Saturday, February 18, 2012

Seeking the Manuscript in DC


Mission: to see the Chu Silk Manuscript in the Smithsonian’s Sackler collection.
First call, discovered that I would need an accession number, which I might find at the research library.
Librarian was nice but nervous, self-conscious in that way of high-end librarians.
Found beautiful images of the manuscript in their catalogue:
Three-headed man, twined serpents, the script all vines and flowers
Chris asked me: what is it about?
About the mythical significance of the turning of the year
About the meaning of time and the natural world
About dreams, visions, monsters
About the pleasure we take in our own minds and in silk, writing, painting
About a story we tell ourselves.
In Senator Inouye’s waiting room in the Capital:  animals of the zodiac painted all around the lower edge of the vaulted ceiling.
Animals and spirits are the same thing:  Anima, soul, animism.
The twelve gods of Chu dance through my dreams. 
I proffer my doctorate to propitiate the guardians & on my last day in Washington DC am granted access.
Seeing the manuscript is like meeting the finest edge of a forgotten world.  In the warp and weft of the silk is the wear of its two thousand years  of waiting in the dark.  Pigments have migrated, edges have frayed, dissipated, been lost into nothingness.  I am stunned by the beauty and precision of the calligraphy, how the ink has not faded but must be nearly as clear as the day it was written.  Also by the geography of each character, how much closer these characters seem to speaking of a numinous world.  They are graphs of concepts, not so much linguistic representation, but closer to the grail ­- to a drawing of cosmos in time, space, imagination, intellectual structure.  Each graph is a talisman and a knowing, a recognition of the possible structure of the world.   Each one has been won by a great effort of thought.  Each one is a theory. 
Flight to Albuquerque.   Beneath the airplane the vast landscape of the Mid West slides by.  Endless fields.  It is stunning to think that less than 2% of the population of the US farms these uncountable fields.



Friday, February 3, 2012

Family Traditions

I'm lucky I only broke my ribs on the right side in 10 places, snapped my collarbone, and collapsed a lung.  It could have been much worse.  I hit the ground at very high speed and from a bit of an altitude after things went suddenly very wrong while riding a young horse this weekend.  It hurt much worse than giving birth, I can tell you that.  I count over the places where I might have decided differently and avoided the experience.  And yet this too is what it is all about, my life.  My parents and I compare notes on broken collarbone, broken rib experiences.
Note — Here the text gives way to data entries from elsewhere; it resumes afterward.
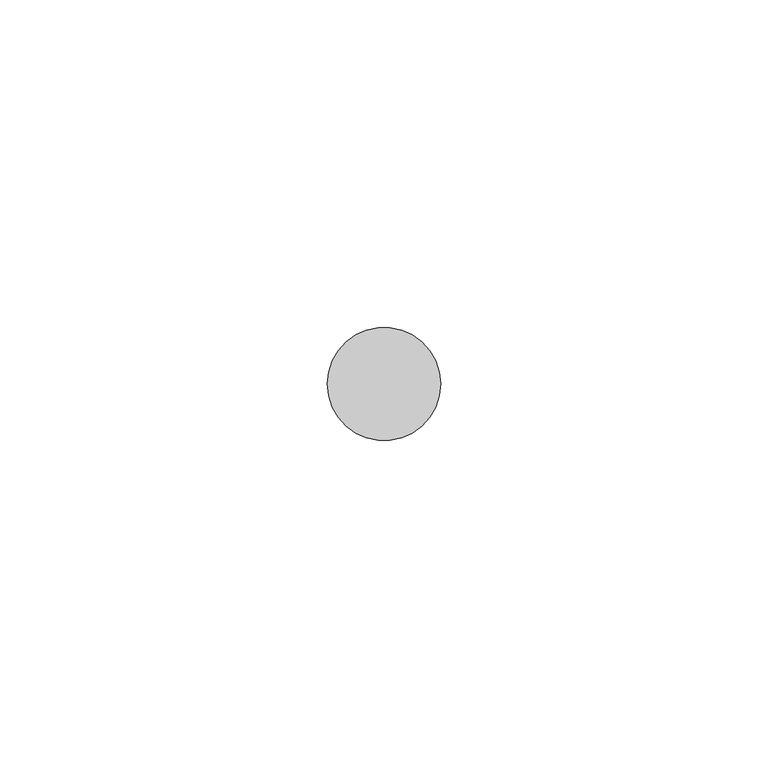
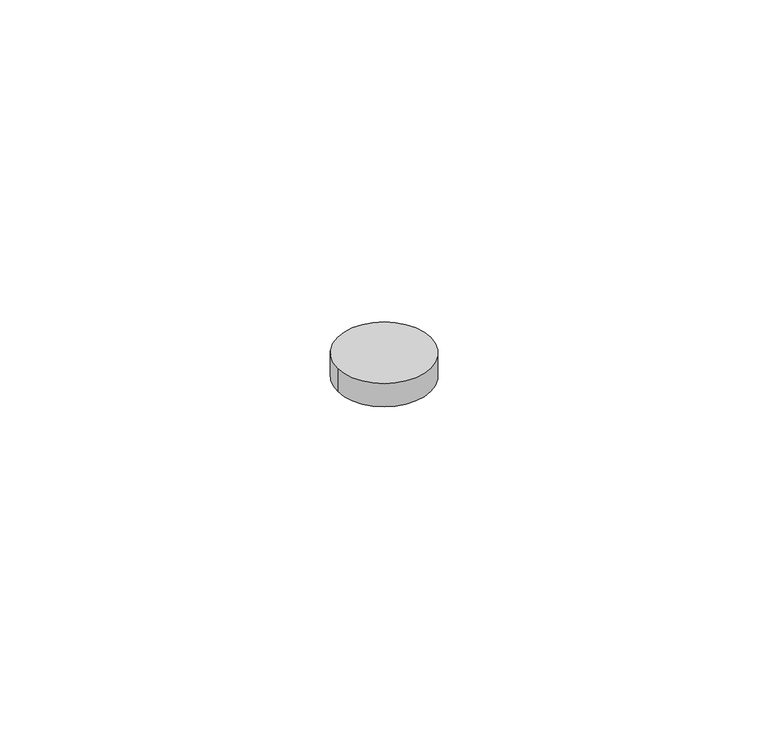
"""IFC4 building model written with IfcOpenShell, lengths in millimetres: proxy geometry, Hinge Pin Keeper9 : Hinge Pin Keeper."""

from ifc_helpers import new_model, si_unit, point, frame, frame_2d, origin, place, context, project, spatial, circle_curve, trimmed, segment, composite_curve, outline, extrude, source, transform, mapped, element, save


def generic_models_21f6d7d6(model_context):
    return source(origin(), model_context, "Body", "SweptSolid", [
        extrude(outline(composite_curve([segment(trimmed(circle_curve(frame_2d((587319.1320739, -536310.3652841)), 8.6534625), [point((587310.4786114, -536310.3652841))], [point((587327.7855364, -536310.3652841))], False, "CARTESIAN"), True, "CONTINUOUS"), segment(trimmed(circle_curve(frame_2d((587319.1320739, -536310.3652841)), 8.6534625), [point((587327.7855364, -536310.3652841))], [point((587310.4786114, -536310.3652841))], False, "CARTESIAN"), True, "CONTINUOUS")], self_intersect=False)), frame((0.0, 0.0, 458.9859375), z_axis=(0.0, 0.0, 1.0), x_axis=(1.0, 0.0, 0.0)), (0.0, 0.0, 1.0), 4.5640625),
    ])


if __name__ == "__main__":
    model = new_model("IFC4")
    model_context = context("Model", 3, world=origin())
    ifc_project = project(units=[si_unit("LENGTHUNIT", "METRE", prefix="MILLI")], contexts=[model_context])
    site = spatial("IfcSite", under=ifc_project)
    building = spatial("IfcBuilding", under=site)
    placement = place(None, origin())
    generic_models_shape = generic_models_21f6d7d6(model_context)
    element("IfcBuildingElementProxy", 1, Name="Hinge Pin Keeper9 : Hinge Pin Keeper", ObjectType="Hinge Pin Keeper9 : Hinge Pin Keeper", at=placement, inside=building, context=model_context, shape_type="MappedRepresentation", body=[
        mapped(generic_models_shape, transform((0.0, 0.0, 0.0), x_axis=(1.0, 0.0, 0.0), y_axis=(0.0, 1.0, 0.0), z_axis=(0.0, 0.0, 1.0))),
    ])
    save(model, "model.ifc")

# Revit data of these elements
# Element 1 (IfcBuildingElementProxy, "Hinge Pin Keeper9 : Hinge Pin Keeper")
#   Materials on its faces: "6\"X6\" WELD-ON STL BUTT HINGE"
# Materials
#   "6\"X6\" WELD-ON STL BUTT HINGE": class "Metal", colour RGB 189 187 185, transparency 0, Description = "Carbon steel", Cost = 0
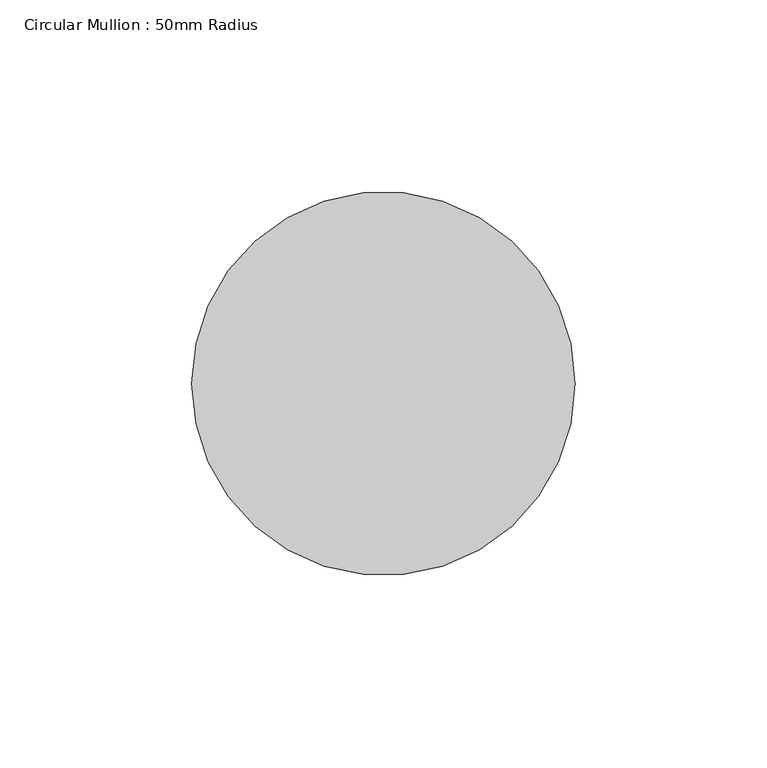
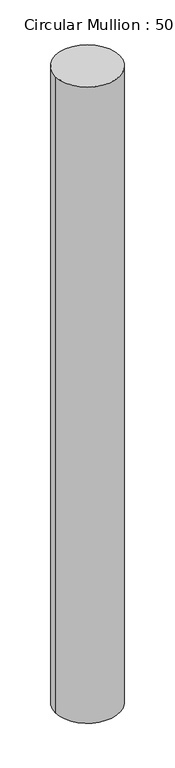
"""IFC4 building model written with IfcOpenShell, lengths in millimetres: member geometry, Circular Mullion : 50mm Radius."""

from ifc_helpers import new_model, si_unit, point, frame, origin, origin_2d, place, context, project, spatial, circle_curve, trimmed, segment, composite_curve, outline, extrude, source, transform, mapped, element, save


def circular_mullion_50mm_radius_04b8ed44(model_context):
    return source(origin(), model_context, "Body", "SweptSolid", [
        extrude(outline(composite_curve([segment(trimmed(circle_curve(origin_2d(), 50.0), [point((50.0, 0.0))], [point((-50.0, 0.0))], False, "CARTESIAN"), True, "CONTINUOUS"), segment(trimmed(circle_curve(origin_2d(), 50.0), [point((-50.0, 0.0))], [point((50.0, 0.0))], False, "CARTESIAN"), True, "CONTINUOUS")], self_intersect=False)), frame((0.0, 0.0, -1050.5460983), z_axis=(0.0, 0.0, 1.0), x_axis=(1.0, 0.0, 0.0)), (0.0, 0.0, 1.0), 1050.5460983),
    ])


if __name__ == "__main__":
    model = new_model("IFC4")
    model_context = context("Model", 3, world=origin())
    ifc_project = project(units=[si_unit("LENGTHUNIT", "METRE", prefix="MILLI")], contexts=[model_context])
    site = spatial("IfcSite", under=ifc_project)
    building = spatial("IfcBuilding", under=site)
    placement = place(None, origin())
    circular_mullion_50mm_radius_shape = circular_mullion_50mm_radius_04b8ed44(model_context)
    element("IfcMember", 1, ObjectType="Circular Mullion : 50mm Radius", at=placement, inside=building, context=model_context, shape_type="MappedRepresentation", body=[
        mapped(circular_mullion_50mm_radius_shape, transform((0.0, 0.0, 0.0), x_axis=(1.0, 0.0, 0.0), y_axis=(0.0, 1.0, 0.0), z_axis=(0.0, 0.0, 1.0))),
    ])
    save(model, "model.ifc")

# Revit data of these elements
# Type "Circular Mullion : 50mm Radius"
#   built-in parameter 1007350 = 0.164042 (stored number, unit not read)
# Element 1 (IfcMember, "Circular Mullion : 50mm Radius")
#   Materials on its faces: "Aluminium"
# Materials
#   "Aluminium": class "Metal", colour RGB 247 247 247, transparency 0, Description = "Aluminium 6061", Cost = 0
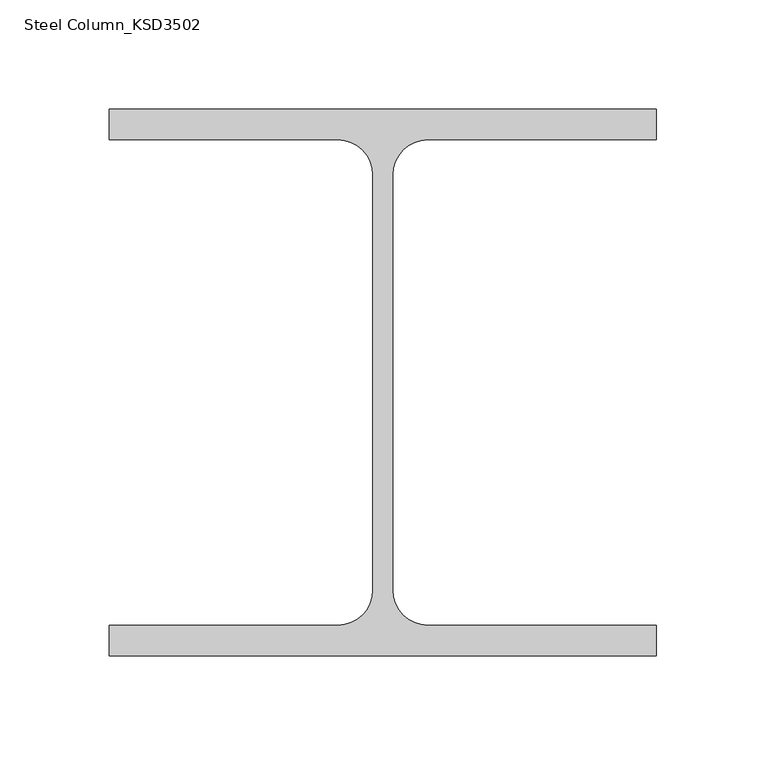
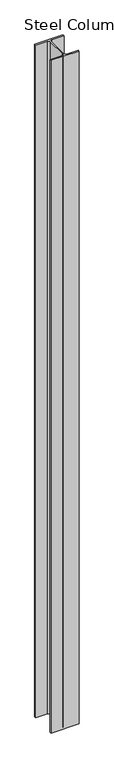
"""IFC4 building model written with IfcOpenShell, lengths in millimetres: column geometry, Steel Column_KSD3502 : H_SC_ASC_H-250×250x9x14."""

from ifc_helpers import new_model, si_unit, point, frame, frame_2d, origin, place, context, project, spatial, polyline, circle_curve, trimmed, segment, composite_curve, outline, extrude, source, transform, mapped, element, save


def steel_column_ksd3502_a4b71116(model_context):
    return source(origin(), model_context, "Body", "SweptSolid", [
        extrude(outline(composite_curve([segment(polyline([(125.0, 125.0), (125.0, 111.0), (20.5, 111.0)]), True, "CONTINUOUS"), segment(trimmed(circle_curve(frame_2d((20.5, 95.0)), 16.0), [point((20.5, 111.0))], [point((4.5, 95.0))], True, "CARTESIAN"), True, "CONTINUOUS"), segment(polyline([(4.5, 95.0), (4.5, -95.0)]), True, "CONTINUOUS"), segment(trimmed(circle_curve(frame_2d((20.5, -95.0)), 16.0), [point((4.5, -95.0))], [point((20.5, -111.0))], True, "CARTESIAN"), True, "CONTINUOUS"), segment(polyline([(20.5, -111.0), (125.0, -111.0), (125.0, -125.0), (-125.0, -125.0), (-125.0, -111.0), (-20.5, -111.0)]), True, "CONTINUOUS"), segment(trimmed(circle_curve(frame_2d((-20.5, -95.0)), 16.0), [point((-20.5, -111.0))], [point((-4.5, -95.0))], True, "CARTESIAN"), True, "CONTINUOUS"), segment(polyline([(-4.5, -95.0), (-4.5, 95.0)]), True, "CONTINUOUS"), segment(trimmed(circle_curve(frame_2d((-20.5, 95.0)), 16.0), [point((-4.5, 95.0))], [point((-20.5, 111.0))], True, "CARTESIAN"), True, "CONTINUOUS"), segment(polyline([(-20.5, 111.0), (-125.0, 111.0), (-125.0, 125.0), (125.0, 125.0)]), True, "CONTINUOUS")], self_intersect=False)), frame((0.0, 0.0, 599.9720055), z_axis=(0.0, 0.0, 1.0), x_axis=(1.0, 0.0, 0.0)), (0.0, 0.0, 1.0), 6300.0),
    ])


if __name__ == "__main__":
    model = new_model("IFC4")
    model_context = context("Model", 3, world=origin())
    ifc_project = project(units=[si_unit("LENGTHUNIT", "METRE", prefix="MILLI")], contexts=[model_context])
    site = spatial("IfcSite", under=ifc_project)
    building = spatial("IfcBuilding", under=site)
    placement = place(None, origin())
    steel_column_ksd3502_shape = steel_column_ksd3502_a4b71116(model_context)
    element("IfcColumn", 1, ObjectType="Steel Column_KSD3502 : H_SC_ASC_H-250×250x9x14", at=placement, inside=building, context=model_context, shape_type="MappedRepresentation", body=[
        mapped(steel_column_ksd3502_shape, transform((0.0, 0.0, 0.0), x_axis=(1.0, 0.0, 0.0), y_axis=(0.0, 1.0, 0.0), z_axis=(0.0, 0.0, 1.0))),
    ])
    save(model, "model.ifc")

# Revit data of these elements
# Type "Steel Column_KSD3502 : H_SC_ASC_H-250×250x9x14"
#   Width = 25.0 cm
#   Web Thickness = 0.9 cm
#   Web Fillet = 1.6 cm
#   Warping Constant = 507646.0 cm⁶
#   Torsional Moment of Inertia = 51.4681 cm⁴
#   Section Area = 92.18 cm²
#   Plastic Modulus weak axis = 444.0 cm³
#   Plastic Modulus strong axis = 960.0 cm³
#   Perimeter = 1.27 m²/m
#   Nominal Weight = 72.40 kgf/m
#   Moment of Inertia weak axis = 3650.00 cm⁴
#   Moment of Inertia strong axis = 10800.00 cm⁴
#   Height = 25.0 cm
#   Flange Thickness = 1.4 cm
#   Elastic Modulus weak axis = 292.0 cm³
#   Elastic Modulus strong axis = 867.0 cm³
#   Centroid Vertical = 12.5 cm
#   Centroid Horizontal = 12.5 cm
#   Bolt Spacing = 13.97 cm
#   Structural Material [instance default] = Steel, 45-345
#   Section Name Key = ""
#   Assembly Code = ""
# Element 1 (IfcColumn, "Steel Column_KSD3502 : H_SC_ASC_H-250×250x9x14")
#   Structural Material = A03AD029-00005_Anchor Bolt (Installation only)_M24
#   Materials on its faces: "A03AD029-00005_Anchor Bolt (Installation only)_M24"
# Materials
#   "Steel, 45-345": class "Metal", colour RGB 189 187 185, transparency 0, Description = "Steel 345 MPa", Cost = 0
#   "A03AD029-00005_Anchor Bolt (Installation only)_M24": class "Unassigned", colour RGB 84 83 81, transparency 0, Cost = 0

My mother took a big spill chasing wild goats at South Point when I was about five. My father got bucked off his big red half-draft mare (the ranch's all-time top bone-breaker) and went back to work in two days, back to roping cattle two weeks later.  He's unbelievably tough, but he didn't break as many bones as me.

Friday, January 20, 2012

Warhorse

It is dusk and rains come across the Ka'u Desert.  The horses stand at the gate, hoping I will open it onto the new pasture, but they must wait.  This morning I went to see if the old gray mare, my father's "warhorse" in former days, had passed.  I hoped so.  She had fallen and could not get up.  Her time had come, but she had lingered, lying there under the sky.  I had put my hand on the gun to put her down, to put her out of her misery, there on the ground.  But a voice inside me had said no, that she would find her own way to the other side. Strong-willed horse, you were never afraid.
When I told my mother, who had fed her daily for the last three or four years and who could not bear to see her dying, that she had indeed gone, she said: "So she made the leap."
"Yes," I said.

Monday, January 16, 2012

Multi-dimensional

That is ranch life.  The day before yesterday I spent the entire day saddling colts.  Today, blessedly, it is raining.  I celebrate by gathering electronic and paper documents for our annual workman's comp audit. Click, click, click, scan, convert, download, send.  Resend.  Usually I turn Pandora on to get through the robot dimension. "God Doesn't Take American Express."
My daughter and I have decided that there are a lot of similarities between Pomeranians and I Pads.  They are both amusing, clever little pets.You buy them so that you can take them around and show all your friends.  You buy them cute  and expensive costumes and accessories.   Marketing genius. 
I have a lap-top.  It's not so cute.  It's more like a hound dog.

Sunday, January 15, 2012

Saddling Colts

This is as close as I get to a spiritual activity.  It is also emotional, physical, and intellectual.  It is something that you do with your whole body and mind.  With your energy and your alpha waves.  With your compassion, your creativity, and your strength.
You are offering them a culture.  Your personal cultute.  Your version of reality.  Your way of life.  It had better be a good way of life.  So getting a saddle on a colt reaches deep into your life. The young horse will question you in their wordless way, and you must have something to say for yourself, for your species, for the order of the world. 
They come to this willingly.  They give you the benefit of the doubt.  That is the miracle of horses.

Tuesday, January 10, 2012

Doing It

Rode hard for four days last week.   Blissful, punishing. On Wednesday we moved herds, on Thursday we sorted cows that had gotten mixed up and moved them back into their proper pastures, Friday we walked 400 mama cows and calves 3 miles to new pasture, Saturday we had a little branding -- 125 calves or so, lots of British Whites.    On Sunday I cleaned tack and in the late afternoon rode some of my young horses that are not quite ready for the high pressure situations that come up routinely in ranch work.
Yesterday, Monday,  did Honolulu, a farm-to-table demo with Chef Mark Noguchi and farmer Shin Ho for the American Farm Bureau annual convention. Met Andy Tranh and Amanda Corby.    Mark broke down a short-plate on stage, which is a little bit like mud-wrestling only with tallow.